FIVE MORE TIPS FOR CONSCIOUS EATING
- Recognize true hunger. We often eat for reasons that often have little to do with real hunger, such as pacifying emotions or overcoming boredom. Eat only when you experience physical hunger pangs.
- Relax before eating. Hunger experienced when stressed is mentally induced to provide an outlet for tension. Take pause, breathe, express gratitude, and recognize your body’s signals about how much to eat.
- Eat in a pleasant atmosphere. Candles and flowers may not be happening in your office, but you can create a chill space by setting a clean, uncluttered “table.” At the very least, invite yourself to sit down, rather than eat standing or on the run.
- Chew well. Being mindful of chewing helps you to process your food, making it more bioavailable for optimal nourishment, as well as the most satisfaction.

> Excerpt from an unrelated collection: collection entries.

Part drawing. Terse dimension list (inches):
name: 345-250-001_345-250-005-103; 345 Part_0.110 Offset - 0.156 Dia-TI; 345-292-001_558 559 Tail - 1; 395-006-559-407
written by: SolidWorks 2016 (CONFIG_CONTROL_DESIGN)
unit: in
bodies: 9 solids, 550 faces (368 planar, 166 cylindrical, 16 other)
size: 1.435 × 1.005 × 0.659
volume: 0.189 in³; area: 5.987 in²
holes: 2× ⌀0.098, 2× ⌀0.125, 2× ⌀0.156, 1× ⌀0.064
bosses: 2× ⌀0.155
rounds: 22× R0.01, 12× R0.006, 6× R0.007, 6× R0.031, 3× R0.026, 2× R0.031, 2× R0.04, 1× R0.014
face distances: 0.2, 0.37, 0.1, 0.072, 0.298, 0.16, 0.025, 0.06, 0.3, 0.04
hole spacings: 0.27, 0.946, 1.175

Take your time to rest and digest.
- Don’t beat yourself up. Sometimes we eat too much, too little, too quickly, or absentmindedly. Don’t make it a big deal—respond with humor and understanding, using lapses as learning to help you move forward.
Remember, slow and steady wins the race. Some of these suggestions may already be part of your routine, so a bit of tweaking may do the trick. But, for many, this is a new way of looking at the food on your plate and may seem overwhelming. Take a deep breath and take one step at a time.
Jocelyn Krasner is a copywriter, yoga teacher, and healthy food enthusiast who lives in Hoboken, NJ, where her personal balancing act is a continued work in progress.